Exercise details |
All lines of the material below that include the string "spatial" are to be copied.

Exercise data |
_____

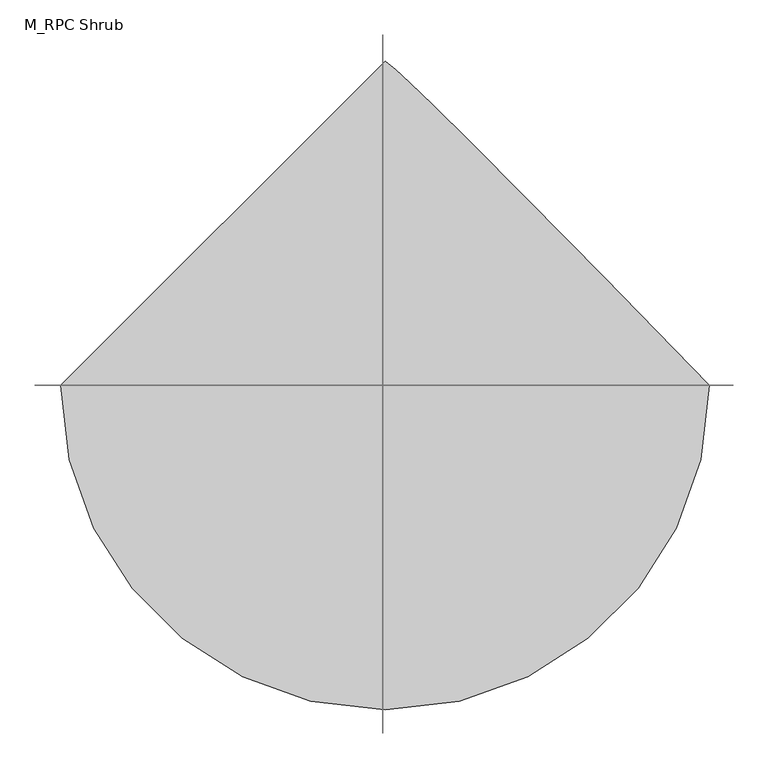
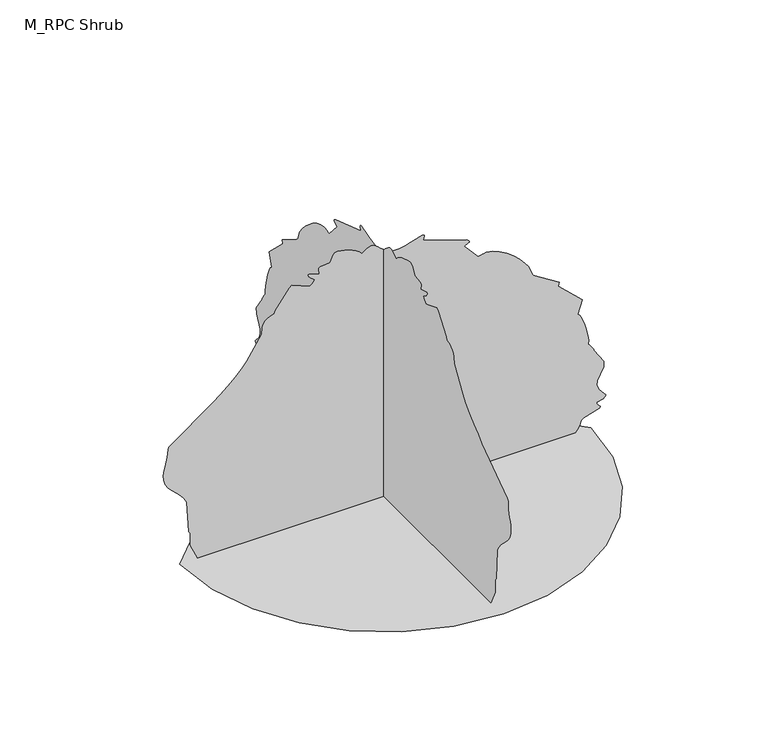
"""IFC4 building model written with IfcOpenShell, lengths in millimetres: geographic element geometry, M_RPC Shrub : Holly - 3.5 Meters."""

from ifc_helpers import new_model, si_unit, origin, place, context, project, spatial, triangles, source, transform, mapped, element, save


def m_rpc_shrub_6250ff07(model_context):
    return source(origin(), model_context, "Body", "Tessellation", [
        triangles([(-2613.0091095, 0.0, 0.0004364), (-2543.9330933, -598.7288976, 0.0004364), (-2347.1910324, -1148.5670294, 0.0004364), (-2038.5469357, -1633.7579807, 0.0004364), (-1633.7579807, -2038.5469357, 0.0004364), (-1148.5670294, -2347.1910324, 0.0004364), (-598.7288976, -2543.9261169, 0.0004364), (0.0001142, -2613.0091095, 0.0004364), (598.7288976, -2543.9330933, 0.0004364), (1148.5670294, -2347.1910324, 0.0004364), (1633.7579807, -2038.5469357, 0.0004364), (2038.5469357, -1633.7579807, 0.0004364), (2347.1910324, -1148.5670294, 0.0004364), (2543.9261169, -598.7288976, 0.0004364), (2613.0091095, 0.0002284, 0.0004364), (1763.8389942, 871.0379665, 0.0004364), (1134.308016, 1512.3499844, 0.0004364), (687.8059822, 1962.2120602, 0.0004364), (387.7321109, 2258.9209843, 0.0004364), (197.4770087, 2440.7670067, 0.0004364), (80.4348978, 2546.0329651, 0.0004364), (-0.0003427, 2613.0091095, 0.0004364), (-20.6931909, -537.8876985, 3492.3908981), (-20.6931909, -493.9913953, 3481.5340027), (-20.6931909, -446.5405126, 3466.4631203), (-20.6931909, -398.1698095, 3446.9680893), (-20.6931909, -351.5197137, 3422.8599678), (-20.6931909, -309.225711, 3393.9358612), (-20.6931909, -273.9261033, 3359.9928749), (-20.6931909, -265.4603046, 3364.0600685), (-20.6931909, -251.206905, 3374.4199013), (-20.6931909, -232.9663033, 3388.3641083), (-20.6931909, -212.533993, 3403.1480896), (-20.6931909, -191.7124987, 3416.0490463), (-20.6931909, -172.2980042, 3424.3229599), (-20.6931909, -156.0894914, 3425.260984), (-20.6931909, -132.6961972, 3420.256057), (-20.6931909, -104.7451962, 3404.4009201), (-20.6931909, -73.4769013, 3380.6570206), (-20.6931909, -40.1275016, 3351.9919098), (-20.6931909, -5.9389402, 3321.3670349), (-20.6931909, 27.8520904, 3291.742971), (-20.6931909, 60.0058895, 3266.0881416), (-20.6931909, 123.8257994, 3255.1120674), (-20.6931909, 196.4795042, 3260.201001), (-20.6931909, 272.2405048, 3275.9439354), (-20.6931909, 345.3828063, 3296.8949821), (-20.6931909, 491.8346955, 3336.787896), (-20.6931909, 507.0989164, 3334.9749252), (-20.6931909, 514.4426179, 3326.2248779), (-20.6931909, 515.8964899, 3313.086145), (-20.6931909, 503.4364946, 3267.1729591), (-20.6931909, 1055.9149813, 3079.7689911), (-20.6931909, 1083.5579887, 3058.327858), (-20.6931909, 1088.6259933, 3046.9669235), (-20.6931909, 1085.5179708, 3037.475061), (-20.6931909, 1076.4739735, 3029.3409645), (-20.6931909, 1025.5490295, 3000.3188988), (-20.6931909, 1199.5830288, 2803.0800659), (-20.6931909, 1206.3379944, 2803.9619888), (-20.6931909, 1218.8540182, 2806.3490524), (-20.6931909, 1235.3180569, 2809.8139572), (-20.6931909, 1253.8890163, 2813.950914), (-20.6931909, 1272.7400459, 2818.3541336), (-20.6931909, 1290.0580296, 2822.6030022), (-20.6931909, 1304.0019459, 2826.2850449), (-20.6931909, 1384.8589291, 2812.5649521), (-20.6931909, 1472.3099865, 2775.325074), (-20.6931909, 1561.6160179, 2720.4240646), (-20.6931909, 1648.0450447, 2653.735112), (-20.6931909, 1726.8790409, 2581.1241371), (-20.6931909, 1793.3649536, 2508.4500847), (-20.6931909, 1842.7920238, 2441.5861427), (-20.6931909, 1892.107037, 2309.9719379), (-20.6931909, 2232.2019756, 2095.3309696), (-20.6931909, 2220.595998, 2048.9210117), (-20.6931909, 2522.2608696, 1758.8549961), (-20.6931909, 2464.2519104, 1584.8209969), (-20.6931909, 2490.2849144, 1564.1360676), (-20.6931909, 2519.188092, 1509.7040703), (-20.6931909, 2548.0069725, 1432.9840439), (-20.6931909, 2573.7949333, 1345.4350273), (-20.6931909, 2593.6050613, 1258.5019615), (-20.6931909, 2604.4828857, 1183.6510071), (-20.6931909, 2603.4750984, 1132.3270323), (-20.6931909, 2611.728083, 1125.5369671), (-20.6931909, 2622.6059074, 1113.1960052), (-20.6931909, 2634.8699844, 1097.0679926), (-20.6931909, 2647.2881218, 1078.9239693), (-20.6931909, 2658.6281273, 1060.5279991), (-20.6931909, 2667.6368797, 1043.6580259), (-20.6931909, 2673.0900352, 1030.0779682), (-20.6931909, 2799.993045, 839.3630104), (-20.6931909, 2794.5259369, 762.6360077), (-20.6931909, 2713.011145, 603.3377006), (-20.6931909, 2710.18312, 546.5354991), (-20.6931909, 2742.5509117, 474.2121883), (-20.6931909, 2823.9258865, 378.1687048), (-20.6931909, 2819.1311211, 360.6085121), (-20.6931909, 2806.3769577, 347.2595086), (-20.6931909, 2788.0789467, 337.4504053), (-20.6931909, 2707.9009918, 320.1561848), (-20.6931909, 2707.6841446, 304.0604012), (-20.6931909, 2713.9139969, 290.497203), (-20.6931909, 2753.3310677, 249.1531059), (-20.6931909, 2754.3109497, 238.9393943), (-20.6931909, 2741.8788597, 224.930293), (-20.6931909, 2542.0148964, 166.401907), (-20.6931909, 2510.654892, 146.1200963), (-20.6931909, 2507.7428604, 124.6118978), (-20.6931909, 2501.1490768, 103.4600003), (-20.6931909, 2491.5028633, 82.6055956), (-20.6931909, 2479.4001137, 61.9882903), (-20.6931909, 2465.4559067, 41.5498303), (-20.6931909, 2450.2940414, 21.2299496), (-20.6931909, 2434.5159348, 0.969458), (-20.6931909, -2362.0030643, 0.0), (-20.6931909, -2455.1870567, 204.1319077), (-20.6931909, -2455.1870567, 366.5662153), (-20.6931909, -2474.4018723, 391.583511), (-20.6931909, -2499.4201126, 794.4089956), (-20.6931909, -2530.6891342, 855.2390036), (-20.6931909, -2576.1889732, 910.9590036), (-20.6931909, -2629.6339668, 963.9000309), (-20.6931909, -2684.7239182, 1016.4070004), (-20.6931909, -2735.1940933, 1070.8110197), (-20.6931909, -2774.7440048, 1129.457004), (-20.6931909, -2797.0949661, 1194.6900135), (-20.6931909, -2801.0569336, 1251.2779839), (-20.6931909, -2795.6598793, 1303.7710007), (-20.6931909, -2784.2149384, 1353.0860138), (-20.6931909, -2770.0538841, 1400.154071), (-20.6931909, -2746.8910538, 1491.216972), (-20.6931909, -2738.5540627, 1589.2870033), (-20.6931909, -2727.5218872, 1615.1239437), (-20.6931909, -2719.3180275, 1623.705978), (-20.6931909, -2162.6149441, 2020.9490273), (-20.6931909, -2077.4599674, 2092.7270588), (-20.6931909, -1981.6790405, 2175.1169426), (-20.6931909, -1886.0659813, 2262.2040688), (-20.6931909, -1801.3939693, 2348.0590027), (-20.6931909, -1738.4499916, 2426.7669891), (-20.6931909, -1550.1920059, 2721.8588608), (-20.6931909, -1542.4709656, 2813.0341095), (-20.6931909, -1530.3330437, 2850.7919792), (-20.6931909, -1510.4460308, 2882.9010658), (-20.6931909, -1481.1649693, 2909.0669106), (-20.6931909, -1440.8239723, 2928.9749977), (-20.6931909, -1387.757008, 2942.3099396), (-20.6931909, -1378.9159779, 2981.0340294), (-20.6931909, -1199.7299675, 3217.5009911), (-20.6931909, -1167.3129782, 3243.9679802), (-20.6931909, -935.2629707, 3151.1480644), (-20.6931909, -927.4649729, 3155.1379372), (-20.6931909, -917.8050247, 3163.1740746), (-20.6931909, -907.2980352, 3174.0239937), (-20.6931909, -877.2540115, 3220.7630013), (-20.6931909, -934.115003, 3265.0030334), (-20.6931909, -949.6899971, 3282.6359688), (-20.6931909, -958.9509871, 3299.4079102), (-20.6931909, -958.4680223, 3313.582917), (-20.6931909, -945.699979, 3318.2590851), (-20.6931909, -819.2380033, 3278.7789368), (-20.6931909, -824.9850363, 3342.7168945), (-20.6931909, -823.3750328, 3352.6779144), (-20.6931909, -819.2380033, 3359.9928749), (-20.6931909, -806.5469902, 3365.9361168), (-20.6931909, -686.8939013, 3381.4688896), (-20.6931909, -680.0114725, 3383.1981445), (-20.6931909, -637.239374, 3467.8700111), (-20.6931909, -618.2547043, 3488.1838875), (-20.6931909, -597.453503, 3500.0000267), (-20.6931909, -575.589685, 3499.2230392), (-558.5804034, -0.0002187, 3492.3908981), (-514.6841002, -0.0002177, 3481.5340027), (-467.2332175, -0.0002169, 3466.4631203), (-418.8625145, -0.000216, 3446.9680893), (-372.2123823, -0.000215, 3422.8599678), (-329.9191063, -0.0002137, 3393.9358612), (-294.6194986, -0.0002118, 3359.9928749), (-286.1536999, -0.0002119, 3364.0600685), (-271.9003003, -0.0002123, 3374.4199013), (-253.6590082, -0.0002129, 3388.3641083), (-233.226698, -0.0002136, 3403.1480896), (-212.405894, -0.0002143, 3416.0490463), (-192.990691, -0.0002151, 3424.3229599), (-176.7829049, -0.0002157, 3425.260984), (-153.3888931, -0.0002135, 3420.256057), (-125.4379012, -0.0002119, 3404.4009201), (-94.1695972, -0.0002106, 3380.6570206), (-60.8204791, -0.0002095, 3351.9919098), (-26.6319205, -0.0002085, 3321.3670349), (7.15911, -0.0002074, 3291.742971), (39.312912, -0.0002062, 3266.0881416), (103.132404, -0.0002055, 3255.1120674), (175.7861089, -0.0002057, 3260.201001), (251.5477999, -0.0002065, 3275.9439354), (324.6901013, -0.0002077, 3296.8949821), (471.1413002, -0.0002104, 3336.787896), (486.4054848, -0.00021, 3334.9749252), (493.7491862, -0.0002093, 3326.2248779), (495.2030946, -0.0002086, 3313.086145), (482.7437897, -0.0002063, 3267.1729591), (1035.223003, -0.0001944, 3079.7689911), (1062.8660105, -0.0001938, 3058.327858), (1067.9340151, -0.0001934, 3046.9669235), (1064.8259926, -0.000193, 3037.475061), (1055.7819952, -0.0001925, 3029.3409645), (1004.8569786, -0.0001904, 3000.3188988), (1178.8909779, -0.0001786, 2803.0800659), (1185.6460161, -0.0001786, 2803.9619888), (1198.1619673, -0.0001788, 2806.3490524), (1214.6260059, -0.000179, 2809.8139572), (1233.1969654, -0.0001792, 2813.950914), (1252.047995, -0.0001795, 2818.3541336), (1269.3659786, -0.0001798, 2822.6030022), (1283.3100403, -0.00018, 2826.2850449), (1364.1670235, -0.0001792, 2812.5649521), (1451.6179356, -0.0001769, 2775.325074), (1540.923967, -0.0001737, 2720.4240646), (1627.3529938, -0.0001697, 2653.735112), (1706.1800137, -0.0001654, 2581.1241371), (1772.673048, -0.000161, 2508.4500847), (1822.0999729, -0.000157, 2441.5861427), (1871.4080097, -0.0001492, 2309.9719379), (2211.51007, -0.0001364, 2095.3309696), (2199.9039471, -0.0001336, 2048.9210117), (2501.5691093, -0.0001164, 1758.8619724), (2443.5528831, -0.000106, 1584.8209969), (2469.5928635, -0.0001047, 1564.1360676), (2498.4960411, -0.0001015, 1509.7040703), (2527.3149216, -9.69e-05, 1432.9840439), (2553.1028824, -9.17e-05, 1345.4350273), (2572.9060341, -8.65e-05, 1258.5019615), (2583.7838585, -8.21e-05, 1183.6510071), (2582.7830475, -7.9e-05, 1132.3270323), (2591.0360321, -7.86e-05, 1125.5369671), (2601.9138565, -7.79e-05, 1113.1960052), (2614.1779335, -7.69e-05, 1097.0679926), (2626.5960709, -7.58e-05, 1078.9239693), (2637.9291, -7.47e-05, 1060.5279991), (2646.9451195, -7.37e-05, 1043.6580259), (2652.3979843, -7.29e-05, 1030.0779682), (2779.3009941, -6.15e-05, 839.3630104), (2773.833886, -5.7e-05, 762.6360077), (2692.3190941, -4.75e-05, 603.3377006), (2689.491069, -4.41e-05, 546.5354991), (2721.8588608, -3.98e-05, 474.2121883), (2803.2341263, -3.41e-05, 378.1687048), (2798.4390701, -3.3e-05, 360.6085121), (2785.6849068, -3.22e-05, 347.260199), (2767.3868958, -3.16e-05, 337.4504053), (2687.2089409, -3.06e-05, 320.1569115), (2686.9920937, -3.05e-05, 304.0604012), (2693.221946, -2.98e-05, 290.497203), (2732.6390167, -2.6e-05, 249.1537963), (2733.6188988, -2.58e-05, 238.9393943), (2721.1870995, -2.5e-05, 224.930293), (2521.3231361, -2.07e-05, 166.401907), (2489.9631317, -2.02e-05, 146.1200963), (2487.0511002, -2.07e-05, 124.6118978), (2480.4570259, -2.06e-05, 103.4600003), (2470.8041267, -2.01e-05, 82.6055956), (2458.7080627, -1.91e-05, 61.988431), (2444.7638557, -1.79e-05, 41.5500392), (2429.6019905, -1.65e-05, 21.2300904), (2413.8240292, -1.51e-05, 0.96964), (-2382.6949699, -1.13e-05, 0.0001851), (-2475.8791077, -2.37e-05, 204.1325981), (-2475.8791077, -3.34e-05, 366.5662153), (-2495.0939232, -3.49e-05, 391.583511), (-2520.1118729, -5.89e-05, 794.4089956), (-2551.3878708, -6.25e-05, 855.2459799), (-2596.8810242, -6.58e-05, 910.9590036), (-2650.3260178, -6.9e-05, 963.9000309), (-2705.4229454, -7.21e-05, 1016.4070004), (-2755.8861443, -7.53e-05, 1070.8110197), (-2795.4360558, -7.88e-05, 1129.457004), (-2817.7870171, -8.27e-05, 1194.6900135), (-2821.7489845, -8.61e-05, 1251.2779839), (-2816.3519302, -8.92e-05, 1303.7710007), (-2804.9069893, -9.22e-05, 1353.0860138), (-2790.7459351, -9.5e-05, 1400.154071), (-2767.5831047, -0.0001004, 1491.216972), (-2759.2530899, -0.0001063, 1589.2870033), (-2748.2139381, -0.0001079, 1615.1239437), (-2740.0170547, -0.0001085, 1623.705978), (-2183.306995, -0.000133, 2020.9490273), (-2098.1520184, -0.000138, 2092.7270588), (-2002.3709461, -0.0001435, 2175.1169426), (-1906.7580322, -0.0001491, 2262.2040688), (-1822.0860203, -0.0001542, 2348.0590027), (-1759.1420425, -0.0001583, 2426.7669891), (-1570.8840569, -0.0001738, 2721.8588608), (-1563.1630165, -0.0001792, 2813.0341095), (-1551.0249493, -0.0001814, 2850.7919792), (-1531.1379364, -0.0001834, 2882.9010658), (-1501.8570202, -0.0001849, 2909.0669106), (-1461.5160233, -0.0001861, 2928.9749977), (-1408.4560352, -0.0001869, 2942.3099396), (-1399.6080288, -0.0001892, 2981.0340294), (-1220.4289948, -0.0002033, 3217.5009911), (-1188.0050291, -0.0002049, 3243.9679802), (-955.9550217, -0.0001993, 3151.1480644), (-948.1570238, -0.0001996, 3155.1379372), (-938.497003, -0.0002001, 3163.1740746), (-927.9900135, -0.0002007, 3174.0239937), (-897.9459898, -0.0002035, 3220.7630013), (-954.8069813, -0.000206, 3265.0030334), (-970.3819754, -0.0002071, 3282.6359688), (-979.6429653, -0.0002081, 3299.4079102), (-979.1600006, -0.000209, 3313.582917), (-966.39203, -0.0002086, 3318.2590851), (-839.9370306, -0.000207, 3278.7789368), (-845.6770145, -0.0002101, 3342.7168945), (-844.0670111, -0.0002109, 3352.6779144), (-839.9370306, -0.0002118, 3359.9928749), (-827.2389685, -0.0002118, 3365.9361168), (-707.5879869, -0.000213, 3381.4688896), (-700.7070116, -0.0002132, 3383.1981445), (-657.9320789, -0.0002165, 3467.8700111), (-638.9481359, -0.0002177, 3488.1838875), (-618.1469347, -0.0002189, 3500.0000267), (-596.2831166, -0.0002201, 3499.2230392)], [[21, 22, 1], [20, 21, 1], [19, 20, 1], [18, 19, 1], [17, 18, 1], [17, 1, 2], [17, 2, 3], [17, 3, 4], [16, 17, 4], [16, 4, 5], [16, 5, 6], [16, 6, 7], [16, 7, 8], [16, 8, 9], [16, 9, 10], [16, 10, 11], [16, 11, 12], [15, 16, 12], [14, 15, 12], [13, 14, 12], [74, 75, 76], [160, 161, 162], [116, 117, 118], [116, 118, 119], [76, 77, 78], [159, 160, 162], [158, 159, 162], [157, 158, 162], [157, 162, 163], [151, 152, 153], [115, 116, 119], [114, 115, 119], [113, 114, 119], [112, 113, 119], [111, 112, 119], [110, 111, 119], [109, 110, 119], [97, 98, 99], [97, 99, 100], [97, 100, 101], [97, 101, 102], [109, 119, 120], [109, 120, 121], [109, 121, 122], [105, 106, 107], [104, 105, 107], [104, 107, 108], [103, 104, 108], [150, 151, 153], [149, 150, 153], [48, 49, 50], [48, 50, 51], [48, 51, 52], [47, 48, 52], [109, 122, 123], [54, 55, 56], [54, 56, 57], [53, 54, 57], [53, 57, 58], [52, 53, 58], [108, 109, 123], [102, 103, 108], [92, 93, 94], [92, 94, 95], [96, 97, 102], [96, 102, 108], [96, 108, 123], [95, 96, 123], [92, 95, 123], [91, 92, 123], [90, 91, 123], [89, 90, 123], [88, 89, 123], [87, 88, 123], [86, 87, 123], [85, 86, 123], [84, 85, 123], [83, 84, 123], [82, 83, 123], [81, 82, 123], [80, 81, 123], [79, 80, 123], [78, 79, 123], [76, 78, 123], [74, 76, 123], [73, 74, 123], [72, 73, 123], [71, 72, 123], [70, 71, 123], [69, 70, 123], [68, 69, 123], [67, 68, 123], [66, 67, 123], [65, 66, 123], [64, 65, 123], [63, 64, 123], [62, 63, 123], [61, 62, 123], [60, 61, 123], [59, 60, 123], [58, 59, 123], [52, 58, 123], [47, 52, 123], [46, 47, 123], [45, 46, 123], [44, 45, 123], [43, 44, 123], [42, 43, 123], [41, 42, 123], [40, 41, 123], [39, 40, 123], [38, 39, 123], [37, 38, 123], [36, 37, 123], [35, 36, 123], [34, 35, 123], [33, 34, 123], [32, 33, 123], [31, 32, 123], [30, 31, 123], [29, 30, 123], [29, 123, 124], [28, 29, 124], [27, 28, 124], [26, 27, 124], [25, 26, 124], [24, 25, 124], [23, 24, 124], [173, 23, 124], [173, 124, 125], [173, 125, 126], [165, 166, 167], [164, 165, 167], [163, 164, 167], [163, 167, 168], [171, 172, 173], [170, 171, 173], [169, 170, 173], [169, 173, 126], [168, 169, 126], [168, 126, 127], [168, 127, 128], [168, 128, 129], [168, 129, 130], [168, 130, 131], [168, 131, 132], [145, 146, 147], [145, 147, 148], [144, 145, 148], [144, 148, 149], [143, 144, 149], [143, 149, 153], [142, 143, 153], [134, 135, 136], [133, 134, 136], [133, 136, 137], [132, 133, 137], [142, 153, 154], [156, 157, 163], [156, 163, 168], [141, 142, 154], [132, 137, 138], [132, 138, 139], [141, 154, 155], [140, 141, 155], [155, 156, 168], [155, 168, 132], [140, 155, 132], [140, 132, 139], [225, 226, 227], [311, 312, 313], [267, 268, 269], [267, 269, 270], [227, 228, 229], [310, 311, 313], [309, 310, 313], [308, 309, 313], [308, 313, 314], [302, 303, 304], [266, 267, 270], [265, 266, 270], [264, 265, 270], [263, 264, 270], [262, 263, 270], [261, 262, 270], [260, 261, 270], [248, 249, 250], [248, 250, 251], [248, 251, 252], [248, 252, 253], [260, 270, 271], [260, 271, 272], [260, 272, 273], [256, 257, 258], [255, 256, 258], [255, 258, 259], [254, 255, 259], [301, 302, 304], [300, 301, 304], [199, 200, 201], [199, 201, 202], [199, 202, 203], [198, 199, 203], [260, 273, 274], [205, 206, 207], [205, 207, 208], [204, 205, 208], [204, 208, 209], [203, 204, 209], [259, 260, 274], [253, 254, 259], [243, 244, 245], [243, 245, 246], [247, 248, 253], [247, 253, 259], [247, 259, 274], [246, 247, 274], [243, 246, 274], [242, 243, 274], [241, 242, 274], [240, 241, 274], [239, 240, 274], [238, 239, 274], [237, 238, 274], [236, 237, 274], [235, 236, 274], [234, 235, 274], [233, 234, 274], [232, 233, 274], [231, 232, 274], [230, 231, 274], [229, 230, 274], [227, 229, 274], [225, 227, 274], [224, 225, 274], [223, 224, 274], [222, 223, 274], [221, 222, 274], [220, 221, 274], [219, 220, 274], [218, 219, 274], [217, 218, 274], [216, 217, 274], [215, 216, 274], [214, 215, 274], [213, 214, 274], [212, 213, 274], [211, 212, 274], [210, 211, 274], [209, 210, 274], [203, 209, 274], [198, 203, 274], [197, 198, 274], [196, 197, 274], [195, 196, 274], [194, 195, 274], [193, 194, 274], [192, 193, 274], [191, 192, 274], [190, 191, 274], [189, 190, 274], [188, 189, 274], [187, 188, 274], [186, 187, 274], [185, 186, 274], [184, 185, 274], [183, 184, 274], [182, 183, 274], [181, 182, 274], [180, 181, 274], [180, 274, 275], [179, 180, 275], [178, 179, 275], [177, 178, 275], [176, 177, 275], [175, 176, 275], [174, 175, 275], [324, 174, 275], [324, 275, 276], [324, 276, 277], [316, 317, 318], [315, 316, 318], [314, 315, 318], [314, 318, 319], [322, 323, 324], [321, 322, 324], [320, 321, 324], [320, 324, 277], [319, 320, 277], [319, 277, 278], [319, 278, 279], [319, 279, 280], [319, 280, 281], [319, 281, 282], [319, 282, 283], [296, 297, 298], [296, 298, 299], [295, 296, 299], [295, 299, 300], [294, 295, 300], [294, 300, 304], [293, 294, 304], [285, 286, 287], [284, 285, 287], [284, 287, 288], [283, 284, 288], [293, 304, 305], [307, 308, 314], [307, 314, 319], [292, 293, 305], [283, 288, 289], [283, 289, 290], [292, 305, 306], [291, 292, 306], [306, 307, 319], [306, 319, 283], [291, 306, 283], [291, 283, 290]], closed=False),
    ])


if __name__ == "__main__":
    model = new_model("IFC4")
    model_context = context("Model", 3, world=origin())
    ifc_project = project(units=[si_unit("LENGTHUNIT", "METRE", prefix="MILLI")], contexts=[model_context])
    site = spatial("IfcSite", under=ifc_project)
    building = spatial("IfcBuilding", under=site)
    placement = place(None, origin())
    m_rpc_shrub_shape = m_rpc_shrub_6250ff07(model_context)
    element("IfcGeographicElement", 1, ObjectType="M_RPC Shrub : Holly - 3.5 Meters", at=placement, inside=building, context=model_context, shape_type="MappedRepresentation", body=[
        mapped(m_rpc_shrub_shape, transform((0.0, 0.0, 0.0), x_axis=(1.0, 0.0, 0.0), y_axis=(0.0, 1.0, 0.0), z_axis=(0.0, 0.0, 1.0))),
    ])
    save(model, "model.ifc")

_____

Answer to the problem |
from ifc_helpers import new_model, si_unit, origin, place, context, project, spatial, triangles, source, transform, mapped, element, save
    site = spatial("IfcSite", under=ifc_project)
    building = spatial("IfcBuilding", under=site)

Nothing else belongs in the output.